### Task directions:
Tell how many lines in the data below include the word "linetype". The answer is the number only.

### Data shown:
-- Opening Marker --

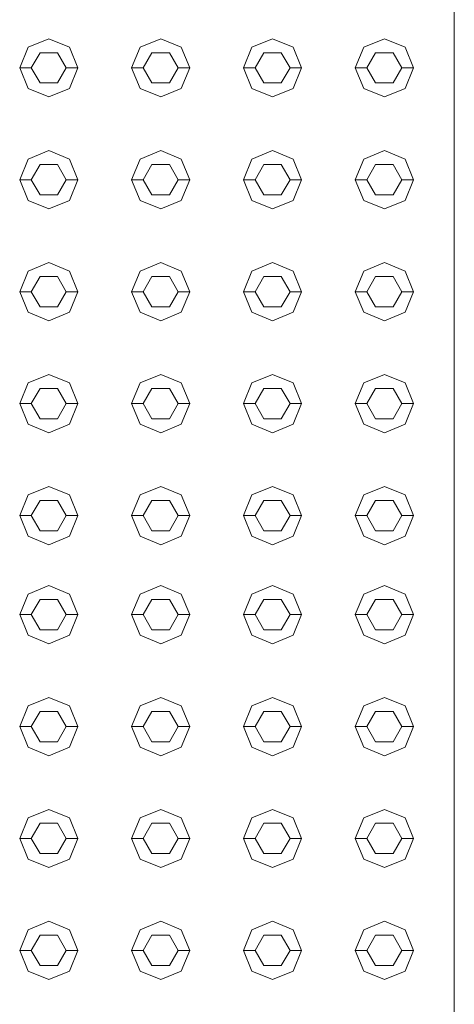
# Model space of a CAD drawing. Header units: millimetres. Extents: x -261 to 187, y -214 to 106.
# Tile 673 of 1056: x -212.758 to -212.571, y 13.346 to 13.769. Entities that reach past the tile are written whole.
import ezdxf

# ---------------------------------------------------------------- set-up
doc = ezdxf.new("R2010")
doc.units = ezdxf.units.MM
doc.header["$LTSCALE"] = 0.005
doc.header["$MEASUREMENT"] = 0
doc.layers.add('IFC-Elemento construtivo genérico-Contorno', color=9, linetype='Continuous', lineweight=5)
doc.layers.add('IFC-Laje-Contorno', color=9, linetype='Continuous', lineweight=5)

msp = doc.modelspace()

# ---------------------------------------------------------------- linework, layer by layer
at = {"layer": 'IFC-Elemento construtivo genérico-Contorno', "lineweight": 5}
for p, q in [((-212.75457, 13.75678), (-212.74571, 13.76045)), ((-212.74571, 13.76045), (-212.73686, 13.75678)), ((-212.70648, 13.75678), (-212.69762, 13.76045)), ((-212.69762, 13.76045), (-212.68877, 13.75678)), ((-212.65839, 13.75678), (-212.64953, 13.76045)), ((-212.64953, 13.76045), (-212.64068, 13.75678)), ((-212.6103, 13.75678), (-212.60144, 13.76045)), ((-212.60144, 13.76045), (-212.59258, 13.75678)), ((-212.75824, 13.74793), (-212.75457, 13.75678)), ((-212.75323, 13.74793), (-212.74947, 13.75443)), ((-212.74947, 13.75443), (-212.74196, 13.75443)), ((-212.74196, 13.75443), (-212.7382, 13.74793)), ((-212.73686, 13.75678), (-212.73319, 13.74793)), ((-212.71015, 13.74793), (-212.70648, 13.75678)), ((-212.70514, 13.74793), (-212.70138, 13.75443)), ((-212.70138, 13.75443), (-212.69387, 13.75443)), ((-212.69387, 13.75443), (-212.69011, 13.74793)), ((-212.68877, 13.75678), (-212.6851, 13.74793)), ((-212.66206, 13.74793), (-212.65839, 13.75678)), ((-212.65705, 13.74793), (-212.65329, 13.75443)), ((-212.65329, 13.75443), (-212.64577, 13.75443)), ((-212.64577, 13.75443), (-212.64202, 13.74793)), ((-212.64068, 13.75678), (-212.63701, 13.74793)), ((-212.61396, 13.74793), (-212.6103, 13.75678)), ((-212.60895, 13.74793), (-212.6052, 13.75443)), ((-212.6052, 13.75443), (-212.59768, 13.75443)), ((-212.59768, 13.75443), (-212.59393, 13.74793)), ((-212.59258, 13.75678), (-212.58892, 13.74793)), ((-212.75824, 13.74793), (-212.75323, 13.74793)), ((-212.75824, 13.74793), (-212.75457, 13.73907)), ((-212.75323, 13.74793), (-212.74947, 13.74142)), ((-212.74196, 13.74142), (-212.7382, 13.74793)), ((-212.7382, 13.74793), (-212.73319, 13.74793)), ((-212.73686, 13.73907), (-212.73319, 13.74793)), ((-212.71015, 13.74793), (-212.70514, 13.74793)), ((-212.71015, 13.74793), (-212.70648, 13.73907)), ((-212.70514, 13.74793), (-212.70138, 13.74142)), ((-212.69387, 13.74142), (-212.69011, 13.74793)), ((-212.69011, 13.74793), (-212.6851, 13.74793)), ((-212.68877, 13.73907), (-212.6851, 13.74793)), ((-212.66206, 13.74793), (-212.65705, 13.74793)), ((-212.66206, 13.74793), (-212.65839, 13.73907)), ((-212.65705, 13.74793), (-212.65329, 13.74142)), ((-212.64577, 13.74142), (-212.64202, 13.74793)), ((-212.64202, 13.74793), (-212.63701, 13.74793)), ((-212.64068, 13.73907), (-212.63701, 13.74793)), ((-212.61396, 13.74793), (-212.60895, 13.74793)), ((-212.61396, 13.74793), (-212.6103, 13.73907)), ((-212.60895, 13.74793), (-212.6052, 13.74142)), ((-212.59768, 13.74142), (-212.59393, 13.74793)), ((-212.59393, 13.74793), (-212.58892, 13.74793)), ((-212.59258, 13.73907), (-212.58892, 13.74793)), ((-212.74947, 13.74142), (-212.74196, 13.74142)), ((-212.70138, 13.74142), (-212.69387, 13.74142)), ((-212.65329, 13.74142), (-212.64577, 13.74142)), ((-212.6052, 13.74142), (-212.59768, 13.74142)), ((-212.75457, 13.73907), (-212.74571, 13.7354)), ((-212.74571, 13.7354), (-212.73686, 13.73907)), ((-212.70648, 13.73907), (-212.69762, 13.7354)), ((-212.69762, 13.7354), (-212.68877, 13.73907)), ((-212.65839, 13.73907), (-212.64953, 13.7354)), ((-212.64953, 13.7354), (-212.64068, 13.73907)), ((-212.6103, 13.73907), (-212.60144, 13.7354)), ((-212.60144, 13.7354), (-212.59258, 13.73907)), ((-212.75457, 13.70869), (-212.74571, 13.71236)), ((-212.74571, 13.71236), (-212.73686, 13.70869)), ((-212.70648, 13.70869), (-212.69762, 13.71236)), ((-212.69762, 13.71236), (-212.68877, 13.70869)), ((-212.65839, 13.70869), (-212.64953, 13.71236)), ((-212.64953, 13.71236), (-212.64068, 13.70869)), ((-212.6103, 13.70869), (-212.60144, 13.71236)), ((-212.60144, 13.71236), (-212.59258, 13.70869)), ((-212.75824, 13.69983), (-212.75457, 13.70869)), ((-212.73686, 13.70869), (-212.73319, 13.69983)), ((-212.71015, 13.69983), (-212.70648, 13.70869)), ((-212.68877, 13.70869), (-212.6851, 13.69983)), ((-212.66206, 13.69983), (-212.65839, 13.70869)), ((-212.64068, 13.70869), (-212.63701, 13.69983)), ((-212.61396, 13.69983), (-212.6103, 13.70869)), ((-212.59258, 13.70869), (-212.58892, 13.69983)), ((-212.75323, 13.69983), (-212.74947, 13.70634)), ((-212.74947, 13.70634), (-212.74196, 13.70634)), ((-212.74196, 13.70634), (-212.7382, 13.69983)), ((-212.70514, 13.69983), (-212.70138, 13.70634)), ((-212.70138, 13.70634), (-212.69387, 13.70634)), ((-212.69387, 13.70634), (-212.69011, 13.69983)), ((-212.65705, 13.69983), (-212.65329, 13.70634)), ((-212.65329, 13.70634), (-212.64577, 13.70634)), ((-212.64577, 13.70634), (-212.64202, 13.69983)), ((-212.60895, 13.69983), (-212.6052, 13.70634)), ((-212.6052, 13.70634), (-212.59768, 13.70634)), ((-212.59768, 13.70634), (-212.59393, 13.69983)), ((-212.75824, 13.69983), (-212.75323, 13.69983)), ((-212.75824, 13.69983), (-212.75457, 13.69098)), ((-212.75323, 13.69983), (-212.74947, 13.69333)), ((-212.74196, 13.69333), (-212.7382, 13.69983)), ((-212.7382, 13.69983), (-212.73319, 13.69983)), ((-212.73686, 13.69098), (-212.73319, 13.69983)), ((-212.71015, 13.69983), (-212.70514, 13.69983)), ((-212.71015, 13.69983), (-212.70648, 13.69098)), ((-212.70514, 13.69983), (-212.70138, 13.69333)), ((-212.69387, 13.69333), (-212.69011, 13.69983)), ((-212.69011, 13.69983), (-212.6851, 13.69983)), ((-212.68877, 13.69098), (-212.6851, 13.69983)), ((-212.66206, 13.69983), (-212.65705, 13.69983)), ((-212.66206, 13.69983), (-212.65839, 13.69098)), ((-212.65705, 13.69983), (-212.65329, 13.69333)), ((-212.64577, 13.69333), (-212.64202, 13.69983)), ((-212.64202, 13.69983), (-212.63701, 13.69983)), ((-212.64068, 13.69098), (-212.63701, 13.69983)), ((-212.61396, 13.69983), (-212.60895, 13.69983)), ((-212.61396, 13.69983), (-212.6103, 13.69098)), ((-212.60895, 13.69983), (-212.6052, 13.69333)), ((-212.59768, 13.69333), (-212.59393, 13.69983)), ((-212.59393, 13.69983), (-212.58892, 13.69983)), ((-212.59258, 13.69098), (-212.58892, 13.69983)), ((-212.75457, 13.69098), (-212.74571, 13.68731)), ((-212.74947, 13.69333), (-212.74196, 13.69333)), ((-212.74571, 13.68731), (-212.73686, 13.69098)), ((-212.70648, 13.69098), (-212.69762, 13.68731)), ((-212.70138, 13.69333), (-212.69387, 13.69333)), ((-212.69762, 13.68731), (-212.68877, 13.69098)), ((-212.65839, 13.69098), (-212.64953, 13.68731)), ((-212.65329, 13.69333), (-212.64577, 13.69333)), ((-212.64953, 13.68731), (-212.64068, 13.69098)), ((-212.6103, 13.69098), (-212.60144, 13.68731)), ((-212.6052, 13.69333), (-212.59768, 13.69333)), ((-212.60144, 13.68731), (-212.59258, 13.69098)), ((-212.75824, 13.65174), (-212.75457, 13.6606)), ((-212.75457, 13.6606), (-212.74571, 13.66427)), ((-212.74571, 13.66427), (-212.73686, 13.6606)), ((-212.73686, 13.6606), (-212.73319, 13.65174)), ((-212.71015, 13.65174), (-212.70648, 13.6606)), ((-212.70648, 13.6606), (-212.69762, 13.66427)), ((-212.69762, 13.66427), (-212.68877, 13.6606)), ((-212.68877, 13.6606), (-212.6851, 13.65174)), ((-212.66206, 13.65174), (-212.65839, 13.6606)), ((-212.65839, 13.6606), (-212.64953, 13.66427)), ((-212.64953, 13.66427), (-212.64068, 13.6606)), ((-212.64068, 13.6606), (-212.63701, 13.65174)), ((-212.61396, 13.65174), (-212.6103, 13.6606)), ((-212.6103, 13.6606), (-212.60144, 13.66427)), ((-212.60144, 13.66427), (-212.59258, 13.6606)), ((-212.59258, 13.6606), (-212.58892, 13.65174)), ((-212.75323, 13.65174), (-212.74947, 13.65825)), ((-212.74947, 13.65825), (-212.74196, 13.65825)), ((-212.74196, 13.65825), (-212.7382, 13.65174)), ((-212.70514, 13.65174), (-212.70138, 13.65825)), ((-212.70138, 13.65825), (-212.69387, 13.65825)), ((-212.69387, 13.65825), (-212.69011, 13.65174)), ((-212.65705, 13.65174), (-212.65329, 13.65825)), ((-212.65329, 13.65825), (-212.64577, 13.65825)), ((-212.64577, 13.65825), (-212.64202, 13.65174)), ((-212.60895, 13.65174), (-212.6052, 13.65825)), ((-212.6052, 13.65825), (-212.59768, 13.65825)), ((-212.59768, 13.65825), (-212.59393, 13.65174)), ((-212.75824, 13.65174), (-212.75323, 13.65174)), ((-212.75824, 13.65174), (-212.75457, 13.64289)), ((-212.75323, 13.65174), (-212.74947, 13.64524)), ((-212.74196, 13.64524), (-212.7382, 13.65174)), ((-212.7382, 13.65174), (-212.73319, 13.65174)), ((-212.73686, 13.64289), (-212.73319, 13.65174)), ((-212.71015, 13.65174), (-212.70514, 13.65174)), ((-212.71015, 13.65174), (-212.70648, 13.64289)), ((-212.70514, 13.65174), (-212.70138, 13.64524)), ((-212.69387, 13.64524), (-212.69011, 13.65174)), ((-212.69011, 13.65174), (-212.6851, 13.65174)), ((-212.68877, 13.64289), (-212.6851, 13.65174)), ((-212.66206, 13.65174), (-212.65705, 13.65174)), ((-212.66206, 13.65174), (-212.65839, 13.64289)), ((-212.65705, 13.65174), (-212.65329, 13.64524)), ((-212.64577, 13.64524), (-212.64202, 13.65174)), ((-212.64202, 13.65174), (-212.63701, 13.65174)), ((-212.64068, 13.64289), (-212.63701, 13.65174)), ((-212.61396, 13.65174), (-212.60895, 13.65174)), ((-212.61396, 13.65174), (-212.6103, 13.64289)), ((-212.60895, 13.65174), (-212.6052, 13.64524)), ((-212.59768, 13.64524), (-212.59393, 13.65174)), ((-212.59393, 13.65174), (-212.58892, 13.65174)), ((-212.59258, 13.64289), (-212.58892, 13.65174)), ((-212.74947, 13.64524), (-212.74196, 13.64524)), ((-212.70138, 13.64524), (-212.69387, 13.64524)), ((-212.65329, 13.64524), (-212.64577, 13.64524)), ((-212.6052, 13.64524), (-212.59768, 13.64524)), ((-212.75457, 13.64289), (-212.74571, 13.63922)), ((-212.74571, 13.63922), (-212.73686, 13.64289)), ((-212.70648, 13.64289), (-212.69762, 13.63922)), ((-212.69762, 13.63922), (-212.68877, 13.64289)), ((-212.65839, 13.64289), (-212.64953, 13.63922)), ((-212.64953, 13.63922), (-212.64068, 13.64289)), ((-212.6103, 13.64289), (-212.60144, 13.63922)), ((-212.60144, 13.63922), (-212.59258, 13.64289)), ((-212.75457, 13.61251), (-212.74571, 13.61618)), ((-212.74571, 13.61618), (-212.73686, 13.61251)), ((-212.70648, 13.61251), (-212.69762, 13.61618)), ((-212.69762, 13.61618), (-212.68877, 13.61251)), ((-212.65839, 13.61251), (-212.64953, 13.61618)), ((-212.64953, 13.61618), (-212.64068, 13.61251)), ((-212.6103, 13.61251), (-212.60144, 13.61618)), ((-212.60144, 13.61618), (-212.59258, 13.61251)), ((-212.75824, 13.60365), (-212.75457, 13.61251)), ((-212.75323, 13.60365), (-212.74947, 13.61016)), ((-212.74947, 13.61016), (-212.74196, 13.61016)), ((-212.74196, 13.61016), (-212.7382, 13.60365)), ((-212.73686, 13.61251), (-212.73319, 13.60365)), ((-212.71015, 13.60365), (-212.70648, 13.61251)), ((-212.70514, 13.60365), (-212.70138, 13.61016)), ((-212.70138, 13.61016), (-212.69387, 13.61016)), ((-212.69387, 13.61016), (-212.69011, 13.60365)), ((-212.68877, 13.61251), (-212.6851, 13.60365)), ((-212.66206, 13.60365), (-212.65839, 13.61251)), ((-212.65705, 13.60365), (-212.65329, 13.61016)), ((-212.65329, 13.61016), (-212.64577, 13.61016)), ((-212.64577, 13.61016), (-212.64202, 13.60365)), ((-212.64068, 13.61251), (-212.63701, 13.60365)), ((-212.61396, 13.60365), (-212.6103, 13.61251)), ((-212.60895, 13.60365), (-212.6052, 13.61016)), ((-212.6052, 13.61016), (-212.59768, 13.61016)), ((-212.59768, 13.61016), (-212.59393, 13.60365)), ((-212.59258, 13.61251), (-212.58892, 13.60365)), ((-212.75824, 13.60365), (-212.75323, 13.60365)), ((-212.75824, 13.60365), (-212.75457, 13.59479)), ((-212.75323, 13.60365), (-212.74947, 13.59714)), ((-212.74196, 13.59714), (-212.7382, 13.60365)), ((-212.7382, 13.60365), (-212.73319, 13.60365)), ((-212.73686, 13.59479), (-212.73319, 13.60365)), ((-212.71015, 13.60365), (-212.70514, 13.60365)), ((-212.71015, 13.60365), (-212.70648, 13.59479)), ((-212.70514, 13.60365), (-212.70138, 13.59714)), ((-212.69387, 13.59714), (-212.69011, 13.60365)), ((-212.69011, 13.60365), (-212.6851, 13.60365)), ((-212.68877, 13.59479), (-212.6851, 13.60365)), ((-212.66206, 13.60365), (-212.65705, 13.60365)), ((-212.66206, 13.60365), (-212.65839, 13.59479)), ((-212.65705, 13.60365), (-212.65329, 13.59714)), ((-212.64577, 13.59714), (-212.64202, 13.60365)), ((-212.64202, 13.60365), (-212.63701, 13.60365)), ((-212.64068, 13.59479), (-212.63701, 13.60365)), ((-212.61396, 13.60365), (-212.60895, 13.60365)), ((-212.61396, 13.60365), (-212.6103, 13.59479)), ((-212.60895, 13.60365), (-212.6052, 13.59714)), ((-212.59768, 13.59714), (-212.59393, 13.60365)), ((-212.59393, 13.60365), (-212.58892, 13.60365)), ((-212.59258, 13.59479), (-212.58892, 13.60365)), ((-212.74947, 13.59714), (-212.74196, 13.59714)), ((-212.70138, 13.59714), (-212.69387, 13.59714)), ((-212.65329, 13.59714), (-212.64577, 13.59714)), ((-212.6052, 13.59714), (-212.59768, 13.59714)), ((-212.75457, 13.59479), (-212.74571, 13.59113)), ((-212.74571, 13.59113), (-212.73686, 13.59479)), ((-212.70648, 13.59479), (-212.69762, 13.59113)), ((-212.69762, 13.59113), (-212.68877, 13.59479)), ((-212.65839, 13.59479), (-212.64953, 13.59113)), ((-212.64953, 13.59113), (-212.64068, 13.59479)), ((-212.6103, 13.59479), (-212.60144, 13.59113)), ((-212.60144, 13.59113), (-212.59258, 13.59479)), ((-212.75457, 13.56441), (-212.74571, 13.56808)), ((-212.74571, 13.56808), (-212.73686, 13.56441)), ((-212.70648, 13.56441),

-- Closing Marker --

### Expected output:
2